According to Ashish Verma, VP – Business Development at Gensol EPC, the shift towards renewable energy has been accelerating in recent years, driven by regulatory requirements and commercial benefits. One key factor is the need for companies to report and manage their carbon emissions.

“Listed Indian companies, particularly the top 1,000 by market cap, must report their sustainability scores, including their Scope 1, 2, and 3 emissions. The RE100 commitment aligns with these reporting requirements, as companies need to demonstrate their progress in reducing emissions and increasing their use of renewable energy,” he said.

Verma said companies not adhering to their sustainability commitments might face negative consequences, such as a decrease in market cap and loss of investor confidence.

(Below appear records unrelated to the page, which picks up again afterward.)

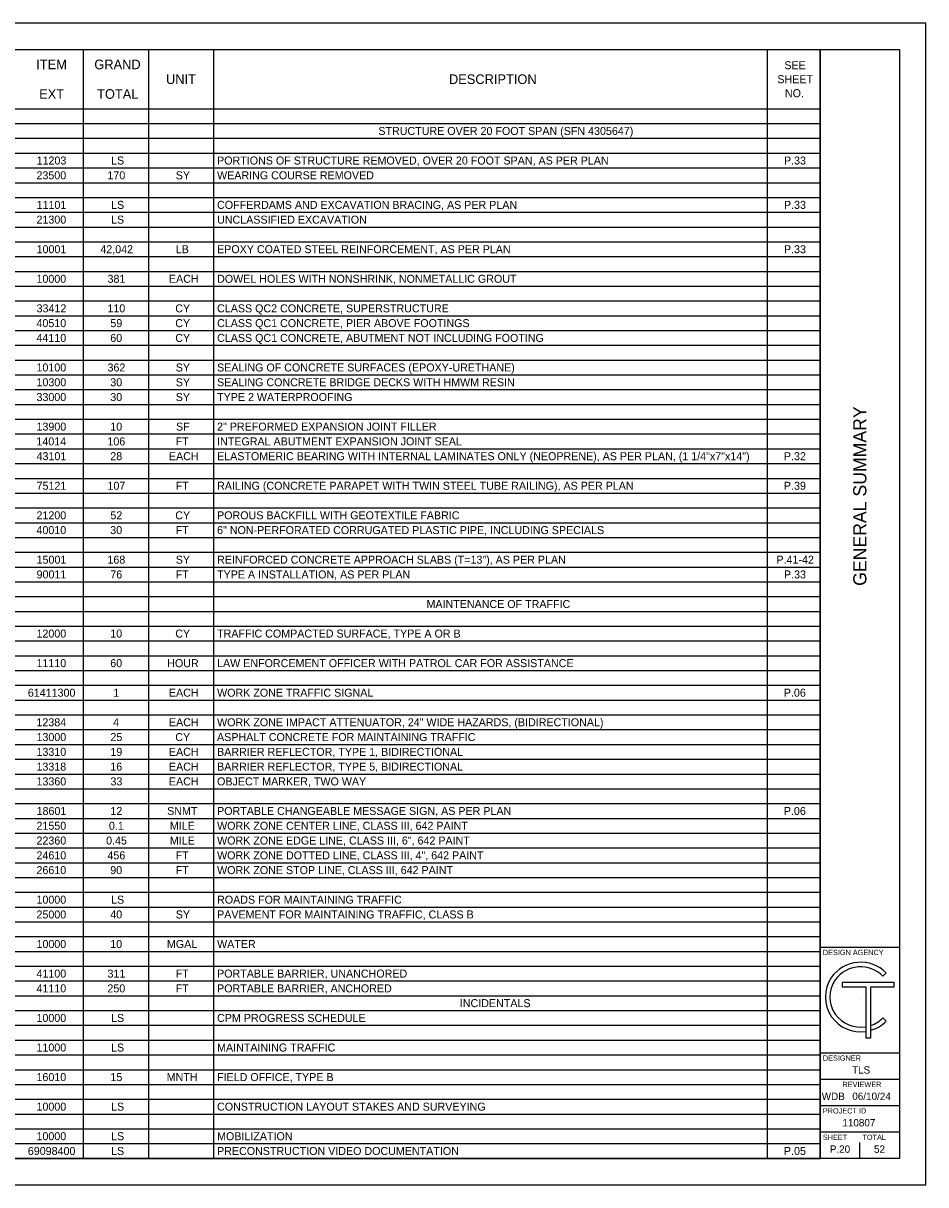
# Model space of a CAD drawing. Extents: x 0 to 34, y 0 to 22.
# Drawn here: x 16.9 to 34, y 0 to 22 of the extents above; entities that cross this region are included whole.
import ezdxf

# ---------------------------------------------------------------- set-up
doc = ezdxf.new("R2010")
doc.units = 0
for name, color, linetype in [('Default', 7, 'Continuous'), ('SH_Border', 7, 'Continuous'), ('SH_Cut_Line', 7, 'Continuous'), ('SH_Data', 7, 'Continuous'), ('SH_Text', 7, 'Continuous')]:
    doc.layers.add(name, color=color, linetype=linetype)

msp = doc.modelspace()

# ---------------------------------------------------------------- linework, layer by layer
at = {"layer": 'Default'}
for p, q in [((1.5, 21.5), (32, 21.5)), ((18.035, 21.5), (18.035, 0.5)), ((19.27, 21.5), (19.27, 0.5)), ((20.505, 21.5), (20.505, 0.5)), ((30.995, 21.5), (30.995, 0.5)), ((32, 21.5), (32, 0.5)), ((1.5, 20.38), (32, 20.38)), ((1.5, 20.1), (32, 20.1)), ((1.5, 19.82), (32, 19.82)), ((1.5, 19.54), (32, 19.54)), ((1.5, 19.26), (32, 19.26)), ((1.5, 18.98), (32, 18.98)), ((1.5, 18.7), (32, 18.7)), ((1.5, 18.42), (32, 18.42)), ((1.5, 18.14), (32, 18.14)), ((1.5, 17.86), (32, 17.86)), ((1.5, 17.58), (32, 17.58)), ((1.5, 17.3), (32, 17.3)), ((1.5, 17.02), (32, 17.02)), ((1.5, 16.74), (32, 16.74)), ((1.5, 16.46), (32, 16.46)), ((1.5, 16.18), (32, 16.18)), ((1.5, 15.9), (32, 15.9)), ((1.5, 15.62), (32, 15.62)), ((1.5, 15.34), (32, 15.34)), ((1.5, 15.06), (32, 15.06)), ((1.5, 14.78), (32, 14.78)), ((1.5, 14.5), (32, 14.5)), ((1.5, 14.22), (32, 14.22)), ((1.5, 13.94), (32, 13.94)), ((1.5, 13.66), (32, 13.66)), ((1.5, 13.38), (32, 13.38)), ((1.5, 13.1), (32, 13.1)), ((1.5, 12.82), (32, 12.82)), ((1.5, 12.54), (32, 12.54)), ((1.5, 12.26), (32, 12.26)), ((1.5, 11.98), (32, 11.98)), ((1.5, 11.7), (32, 11.7)), ((1.5, 11.42), (32, 11.42)), ((1.5, 11.14), (32, 11.14)), ((1.5, 10.86), (32, 10.86)), ((1.5, 10.58), (32, 10.58)), ((1.5, 10.3), (32, 10.3)), ((1.5, 10.02), (32, 10.02)), ((1.5, 9.74), (32, 9.74)), ((1.5, 9.46), (32, 9.46)), ((1.5, 9.18), (32, 9.18)), ((1.5, 8.9), (32, 8.9)), ((1.5, 8.62), (32, 8.62)), ((1.5, 8.34), (32, 8.34)), ((1.5, 8.06), (32, 8.06)), ((1.5, 7.78), (32, 7.78)), ((1.5, 7.5), (32, 7.5)), ((1.5, 7.22), (32, 7.22)), ((1.5, 6.94), (32, 6.94)), ((1.5, 6.66), (32, 6.66)), ((1.5, 6.38), (32, 6.38)), ((1.5, 6.1), (32, 6.1)), ((1.5, 5.82), (32, 5.82)), ((1.5, 5.54), (32, 5.54)), ((1.5, 5.26), (32, 5.26)), ((1.5, 4.98), (32, 4.98)), ((1.5, 4.7), (32, 4.7)), ((1.5, 4.42), (32, 4.42)), ((1.5, 4.14), (32, 4.14)), ((1.5, 3.86), (32, 3.86)), ((1.5, 3.58), (32, 3.58)), ((1.5, 3.3), (32, 3.3)), ((1.5, 3.02), (32, 3.02)), ((1.5, 2.74), (32, 2.74)), ((1.5, 2.46), (32, 2.46)), ((1.5, 2.18), (32, 2.18)), ((1.5, 1.9), (32, 1.9)), ((1.5, 1.62), (32, 1.62)), ((1.5, 1.34), (32, 1.34)), ((1.5, 1.06), (32, 1.06)), ((1.5, 0.78), (32, 0.78)), ((1.5, 0.5), (32, 0.5))]:
    msp.add_line(p, q, dxfattribs=at)
at = {"layer": 'SH_Border'}
for p, q in [((32, 0.5), (32, 21.5)), ((32, 4.5), (33.5, 4.5)), ((32, 2.5), (33.5, 2.5)), ((32, 2), (33.5, 2)), ((32, 1.5), (33.5, 1.5)), ((32, 1), (33.5, 1))]:
    msp.add_line(p, q, dxfattribs=at)
msp.add_lwpolyline([(1.5, 21.5), (33.5, 21.5), (33.5, 0.5), (1.5, 0.5)], close=True, dxfattribs=at)
at = {"layer": 'SH_Cut_Line'}
msp.add_lwpolyline([(0, 0), (34, 0), (34, 22), (0, 22)], close=True, dxfattribs=at)
at = {"layer": 'SH_Data'}
for p, q in [((32.75, 3.5), (32.75, 3.5)), ((32.375, 0.675), (32.375, 0.675)), ((32.75, 0.5), (32.75, 0.8))]:
    msp.add_line(p, q, dxfattribs=at)
at = {"layer": 'SH_Text'}
for p, q in [((33.249, 4.013), (33.187, 3.952)), ((33.249, 4.013), (33.187, 3.952)), ((33.402, 3.833), (32.414, 3.833)), ((32.414, 3.833), (32.414, 3.751)), ((32.414, 3.751), (32.863, 3.751)), ((32.863, 3.751), (32.863, 2.785)), ((32.956, 2.785), (32.956, 3.751)), ((32.956, 3.751), (33.402, 3.751)), ((33.402, 3.751), (33.402, 3.833)), ((33.187, 3.16), (33.249, 3.099)), ((33.187, 3.16), (33.249, 3.099)), ((32.863, 2.993), (32.863, 2.905)), ((32.863, 2.993), (32.863, 2.905)), ((32.956, 2.925), (32.956, 3.016)), ((32.956, 2.925), (32.956, 3.016)), ((32.863, 2.785), (32.956, 2.785))]:
    msp.add_line(p, q, dxfattribs=at)
msp.add_lwpolyline([(32.863, 3.751), (32.863, 2.785), (32.956, 2.785), (32.956, 3.751), (33.402, 3.751), (33.402, 3.833), (32.414, 3.833), (32.414, 3.751)], close=True, dxfattribs=at)
for centre, radius, start, end in [((32.766, 3.535), 0.68, 44.7027, 144.3276), ((32.766, 3.535), 0.68, 44.7027, 144.3276), ((32.766, 3.535), 0.593, 44.7362, 144.1102), ((32.766, 3.535), 0.593, 44.7362, 144.1102), ((32.764, 3.556), 0.666, 145.7329, 214.2671), ((32.764, 3.556), 0.666, 145.7329, 214.2671), ((32.764, 3.556), 0.579, 145.7266, 214.2734), ((32.764, 3.556), 0.579, 145.7266, 214.2734), ((32.766, 3.578), 0.68, 215.6724, 278.2613), ((32.766, 3.578), 0.68, 215.6724, 278.2613), ((32.766, 3.578), 0.593, 215.8898, 279.4882), ((32.766, 3.578), 0.593, 215.8898, 279.4882), ((32.766, 3.578), 0.593, 288.6992, 315.2638), ((32.766, 3.578), 0.593, 288.6992, 315.2638), ((32.766, 3.578), 0.68, 286.2291, 315.2973), ((32.766, 3.578), 0.68, 286.2291, 315.2973)]:
    msp.add_arc(centre, radius, start, end, dxfattribs=at)

# ---------------------------------------------------------------- texts
at = {"layer": 'Default'}
for s, height, p in [('ITEM', 0.1818, (17.145, 21.129)), ('GRAND', 0.1818, (18.245, 21.129)), ('SEE ', 0.1515, (31.32, 21.129)), ('UNIT', 0.1818, (19.604, 20.849)), ('DESCRIPTION', 0.18184, (24.965, 20.849)), ('SHEET ', 0.1515, (31.187, 20.864)), ('EXT', 0.1818, (17.199, 20.569)), ('TOTAL', 0.1818, (18.297, 20.569)), ('NO.', 0.1515, (31.331, 20.599)), ('STRUCTURE OVER 20 FOOT SPAN (SFN 4305647)', 0.15153, (23.627, 19.884)), ('11203', 0.1515, (17.151, 19.324)), ('LS', 0.1515, (18.562, 19.324)), ('PORTIONS OF STRUCTURE REMOVED, OVER 20 FOOT SPAN, AS PER PLAN', 0.15153, (20.571, 19.324)), ('P.33', 0.1515, (31.313, 19.324)), ('23500', 0.1515, (17.149, 19.044)), ('170', 0.1515, (18.493, 19.044)), ('SY', 0.1515, (19.788, 19.044)), ('WEARING COURSE REMOVED', 0.15153, (20.571, 19.044)), ('11101', 0.1515, (17.151, 18.484)), ('LS', 0.1515, (18.562, 18.484)), ('COFFERDAMS AND EXCAVATION BRACING, AS PER PLAN', 0.15153, (20.571, 18.484)), ('P.33', 0.1515, (31.313, 18.484)), ('21300', 0.1515, (17.149, 18.204)), ('LS', 0.1515, (18.562, 18.204)), ('UNCLASSIFIED EXCAVATION', 0.15153, (20.571, 18.204)), ('10001', 0.1515, (17.151, 17.644)), ('42,042', 0.1515, (18.359, 17.644)), ('LB', 0.1515, (19.788, 17.644)), ('EPOXY COATED STEEL REINFORCEMENT, AS PER PLAN', 0.15153, (20.571, 17.644)), ('P.33', 0.1515, (31.313, 17.644)), ('10000', 0.1515, (17.149, 17.084)), ('381', 0.1515, (18.495, 17.084)), ('EACH', 0.1515, (19.659, 17.084)), ('DOWEL HOLES WITH NONSHRINK, NONMETALLIC GROUT', 0.15153, (20.571, 17.084)), ('33412', 0.1515, (17.151, 16.524)), ('110', 0.1515, (18.493, 16.524)), ('CY', 0.1515, (19.779, 16.524)), ('CLASS QC2 CONCRETE, SUPERSTRUCTURE', 0.15153, (20.571, 16.524)), ('40510', 0.1515, (17.149, 16.244)), ('59', 0.1515, (18.549, 16.244)), ('CY', 0.1515, (19.779, 16.244)), ('CLASS QC1 CONCRETE, PIER ABOVE FOOTINGS', 0.15153, (20.571, 16.244)), ('44110', 0.1515, (17.149, 15.964)), ('60', 0.1515, (18.547, 15.964)), ('CY', 0.1515, (19.779, 15.964)), ('CLASS QC1 CONCRETE, ABUTMENT NOT INCLUDING FOOTING', 0.15153, (20.571, 15.964)), ('10100', 0.1515, (17.149, 15.404)), ('362', 0.1515, (18.495, 15.404)), ('SY', 0.1515, (19.788, 15.404)), ('SEALING OF CONCRETE SURFACES (EPOXY-URETHANE)', 0.15153, (20.571, 15.404)), ('10300', 0.1515, (17.149, 15.124)), ('30', 0.1515, (18.547, 15.124)), ('SY', 0.1515, (19.788, 15.124)), ('SEALING CONCRETE BRIDGE DECKS WITH HMWM RESIN', 0.15153, (20.571, 15.124)), ('33000', 0.1515, (17.149, 14.844)), ('30', 0.1515, (18.547, 14.844)), ('SY', 0.1515, (19.788, 14.844)), ('TYPE 2 WATERPROOFING', 0.15153, (20.571, 14.844)), ('13900', 0.1515, (17.149, 14.284)), ('10', 0.1515, (18.547, 14.284)), ('SF', 0.1515, (19.793, 14.284)), ('2" PREFORMED EXPANSION JOINT FILLER', 0.15153, (20.571, 14.284)), ('14014', 0.1515, (17.148, 14.004)), ('106', 0.1515, (18.493, 14.004)), ('FT', 0.1515, (19.786, 14.004)), ('INTEGRAL ABUTMENT EXPANSION JOINT SEAL', 0.15153, (20.571, 14.004)), ('43101', 0.1515, (17.151, 13.724)), ('28', 0.1515, (18.548, 13.724)), ('EACH', 0.1515, (19.659, 13.724)), ('ELASTOMERIC BEARING WITH INTERNAL LAMINATES ONLY (NEOPRENE), AS PER PLAN, (1 1/4"x7"x14")', 0.15153, (20.571, 13.724)), ('P.32', 0.1515, (31.312, 13.724)), ('75121', 0.1515, (17.151, 13.164)), ('107', 0.1515, (18.494, 13.164)), ('FT', 0.1515, (19.786, 13.164)), ('RAILING (CONCRETE PARAPET WITH TWIN STEEL TUBE RAILING), AS PER PLAN', 0.15153, (20.571, 13.164)), ('P.39', 0.1515, (31.312, 13.164)), ('21200', 0.1515, (17.149, 12.604)), ('52', 0.1515, (18.549, 12.604)), ('CY', 0.1515, (19.779, 12.604)), ('POROUS BACKFILL WITH GEOTEXTILE FABRIC', 0.15153, (20.571, 12.604)), ('40010', 0.1515, (17.149, 12.324)), ('30', 0.1515, (18.547, 12.324)), ('FT', 0.1515, (19.786, 12.324)), ('6" NON-PERFORATED CORRUGATED PLASTIC PIPE, INCLUDING SPECIALS', 0.15153, (20.571, 12.324)), ('15001', 0.1515, (17.151, 11.764)), ('168', 0.1515, (18.493, 11.764)), ('SY', 0.1515, (19.788, 11.764)), ('REINFORCED CONCRETE APPROACH SLABS (T=13"), AS PER PLAN', 0.15153, (20.571, 11.764)), ('P.41-42', 0.1515, (31.17, 11.764)), ('90011', 0.1515, (17.151, 11.484)), ('76', 0.1515, (18.548, 11.484)), ('FT', 0.1515, (19.786, 11.484)), ('TYPE A INSTALLATION, AS PER PLAN', 0.15153, (20.571, 11.484)), ('P.33', 0.1515, (31.313, 11.484)), ('MAINTENANCE OF TRAFFIC', 0.15153, (24.539, 10.924)), ('12000', 0.1515, (17.149, 10.364)), ('10', 0.1515, (18.547, 10.364)), ('CY', 0.1515, (19.779, 10.364)), ('TRAFFIC COMPACTED SURFACE, TYPE A OR B', 0.15153, (20.571, 10.364)), ('11110', 0.1515, (17.149, 9.804)), ('60', 0.1515, (18.547, 9.804)), ('HOUR', 0.1515, (19.626, 9.804)), ('LAW ENFORCEMENT OFFICER WITH PATROL CAR FOR ASSISTANCE', 0.15153, (20.571, 9.804)), ('61411300', 0.1515, (16.985, 9.244)), ('1', 0.152, (18.604, 9.244)), ('EACH', 0.1515, (19.659, 9.244)), ('WORK ZONE TRAFFIC SIGNAL', 0.15153, (20.571, 9.244)), ('P.06', 0.1515, (31.31, 9.244)), ('12384', 0.1515, (17.148, 8.684)), ('4', 0.152, (18.601, 8.684)), ('EACH', 0.1515, (19.659, 8.684)), ('WORK ZONE IMPACT ATTENUATOR, 24" WIDE HAZARDS, (BIDIRECTIONAL)', 0.15153, (20.571, 8.684)), ('13000', 0.1515, (17.149, 8.404)), ('25', 0.1515, (18.55, 8.404)), ('CY', 0.1515, (19.779, 8.404)), ('ASPHALT CONCRETE FOR MAINTAINING TRAFFIC', 0.15153, (20.571, 8.404)), ('13310', 0.1515, (17.149, 8.124)), ('19', 0.1515, (18.549, 8.124)), ('EACH', 0.1515, (19.659, 8.124)), ('BARRIER REFLECTOR, TYPE 1, BIDIRECTIONAL', 0.15153, (20.571, 8.124)), ('13318', 0.1515, (17.149, 7.844)), ('16', 0.1515, (18.548, 7.844)), ('EACH', 0.1515, (19.659, 7.844)), ('BARRIER REFLECTOR, TYPE 5, BIDIRECTIONAL', 0.15153, (20.571, 7.844)), ('13360', 0.1515, (17.149, 7.564)), ('33', 0.1515, (18.55, 7.564)), ('EACH', 0.1515, (19.659, 7.564)), ('OBJECT MARKER, TWO WAY', 0.15153, (20.571, 7.564)), ('18601', 0.1515, (17.151, 7.004)), ('12', 0.1515, (18.549, 7.004)), ('SNMT', 0.1515, (19.625, 7.004)), ('PORTABLE CHANGEABLE MESSAGE SIGN, AS PER PLAN', 0.15153, (20.571, 7.004)), ('P.06', 0.1515, (31.31, 7.004)), ('21550', 0.1515, (17.149, 6.724)), ('0.1', 0.1515, (18.522, 6.724)), ('MILE', 0.1515, (19.676, 6.724)), ('WORK ZONE CENTER LINE, CLASS III, 642 PAINT', 0.15153, (20.571, 6.724)), ('22360', 0.1515, (17.149, 6.444)), ('0.45', 0.1515, (18.468, 6.444)), ('MILE', 0.1515, (19.676, 6.444)), ('WORK ZONE EDGE LINE, CLASS III, 6", 642 PAINT', 0.15153, (20.571, 6.444)), ('24610', 0.1515, (17.149, 6.164)), ('456', 0.1515, (18.493, 6.164)), ('FT', 0.1515, (19.786, 6.164)), ('WORK ZONE DOTTED LINE, CLASS III, 4", 642 PAINT', 0.15153, (20.571, 6.164)), ('26610', 0.1515, (17.149, 5.884)), ('90', 0.1515, (18.547, 5.884)), ('FT', 0.1515, (19.786, 5.884)), ('WORK ZONE STOP LINE, CLASS III, 642 PAINT', 0.15153, (20.571, 5.884)), ('10000', 0.1515, (17.149, 5.324)), ('LS', 0.1515, (18.562, 5.324)), ('ROADS FOR MAINTAINING TRAFFIC', 0.15153, (20.571, 5.324)), ('25000', 0.1515, (17.149, 5.044)), ('40', 0.1515, (18.547, 5.044)), ('SY', 0.1515, (19.788, 5.044)), ('PAVEMENT FOR MAINTAINING TRAFFIC, CLASS B', 0.15153, (20.571, 5.044)), ('10000', 0.1515, (17.149, 4.484)), ('10', 0.1515, (18.547, 4.484)), ('MGAL', 0.1515, (19.621, 4.484)), ('WATER', 0.1515, (20.571, 4.484)), ('41100', 0.1515, (17.149, 3.924)), ('311', 0.1515, (18.495, 3.924)), ('FT', 0.1515, (19.786, 3.924)), ('PORTABLE BARRIER, UNANCHORED', 0.15153, (20.571, 3.924)), ('41110', 0.1515, (17.149, 3.644)), ('250', 0.1515, (18.493, 3.644)), ('FT', 0.1515, (19.786, 3.644)), ('PORTABLE BARRIER, ANCHORED', 0.15153, (20.571, 3.644)), ('INCIDENTALS', 0.15153, (25.171, 3.364)), ('10000', 0.1515, (17.149, 3.084)), ('LS', 0.1515, (18.562, 3.084)), ('CPM PROGRESS SCHEDULE', 0.15153, (20.571, 3.084)), ('11000', 0.1515, (17.149, 2.524)), ('LS', 0.1515, (18.562, 2.524)), ('MAINTAINING TRAFFIC', 0.15153, (20.571, 2.524)), ('16010', 0.1515, (17.149, 1.964)), ('15', 0.1515, (18.55, 1.964)), ('MNTH', 0.1515, (19.616, 1.964)), ('FIELD OFFICE, TYPE B', 0.15153, (20.571, 1.964)), ('10000', 0.1515, (17.149, 1.404)), ('LS', 0.1515, (18.562, 1.404)), ('CONSTRUCTION LAYOUT STAKES AND SURVEYING', 0.15153, (20.571, 1.404)), ('10000', 0.1515, (17.149, 0.844)), ('LS', 0.1515, (18.562, 0.844)), ('MOBILIZATION', 0.15153, (20.571, 0.844)), ('69098400', 0.1515, (16.985, 0.564)), ('LS', 0.1515, (18.562, 0.564)), ('PRECONSTRUCTION VIDEO DOCUMENTATION', 0.15153, (20.571, 0.564)), ('P.05', 0.1515, (31.312, 0.564))]:
    msp.add_text(s, height=height, dxfattribs=at).set_placement(p)
at = {"layer": 'SH_Data'}
msp.add_text('GENERAL SUMMARY', height=0.25, rotation=90, dxfattribs=at).set_placement((32.875, 11.344))
for s, height, p in [('DESIGN AGENCY', 0.1, (32.05, 4.35)), ('DESIGNER', 0.1, (32.05, 2.35)), ('TLS', 0.14, (32.603, 2.105)), ('REVIEWER', 0.1, (32.422, 1.85)), ('WDB', 0.14, (32.029, 1.605)), ('06/10/24', 0.14, (32.608, 1.605)), ('PROJECT ID', 0.1, (32.05, 1.35)), ('110807', 0.14, (32.42, 1.105)), ('SHEET', 0.1, (32.05, 0.85)), ('TOTAL', 0.1, (32.8, 0.85)), ('P.20', 0.14, (32.182, 0.605)), ('52', 0.14, (33.019, 0.605))]:
    msp.add_text(s, height=height, dxfattribs=at).set_placement(p)

doc.saveas('drawing.dxf')

Scope 1 emissions are direct emissions from sources owned or controlled by the company, such as on-site power generation or fuel combustion. Renewable energy can directly impact Scope 1 emissions by replacing fossil fuel-based power generation with renewable sources like solar or wind power.

Scope 2 emissions are indirect emissions from the generation of electricity purchased by the company. Switching to renewable energy sources via open access can significantly reduce Scope 2 emissions. This can be achieved by buying electricity from renewable sources or entering into power purchase agreements (PPAs) with developers. By doing so, companies can lower the carbon intensity of their electricity consumption.

Scope 3 encompasses emissions that are not the result of activities from assets owned or controlled by a company, but by those responsible for up and down its value chain.

Renewables Can Improve Bottom Line

Adopting renewable energy and committing to initiatives like RE100 can also yield financial benefits. Companies that meet their sustainability commitments may be able to raise debt at competitive rates through sustainability-linked loans.

According to Verma, procuring electricity via open access is an obvious benefit because the tariff is less than the grid tariff. “The cost savings can significantly improve your profit margins.” This is especially true for industries with high energy consumption, such as steel or cement.

Europe’s Cross-Border Adjustment Mechanism (CBAM) also puts a premium on low carbon intensity in exported products. “For products like steel or textiles, high carbon intensity can lead to additional carbon taxes, making them non-competitive in the market,” Verma said.

He said states must create a favorable ecosystem to facilitate the shift to renewable energy. Infrastructure like land must be made available at attractive prices, particularly in states with high industrial activity but limited resources.

Gyanesh Chaudhary, Chairman and Managing Director, Vikram Solar, said, “Reforms like the Green Open Access Rules has led to a surge in demand from the commercial and industrial sector, driven by ambitious renewable energy goals. ” Open access is one of the bright spots in the country’s solar market, attracting businesses with substantial cost savings.

While the commitment to renewables is beneficial, it comes with challenges, particularly with regional variations in infrastructure and resources. For example, states like Punjab may have high industrial activity but limited land availability for renewable energy projects.

“After years of facing high costs, restrictive policies, and low consumer demand, renewable energy adoption via open access has now reached a point where renewable power is cheaper than grid power. Policies for open access are now supportive, and demand is rising. For corporates, procuring renewable power right now is just good business on so many levels,” commented Raj Prabhu, CEO at Mercom Capital Group.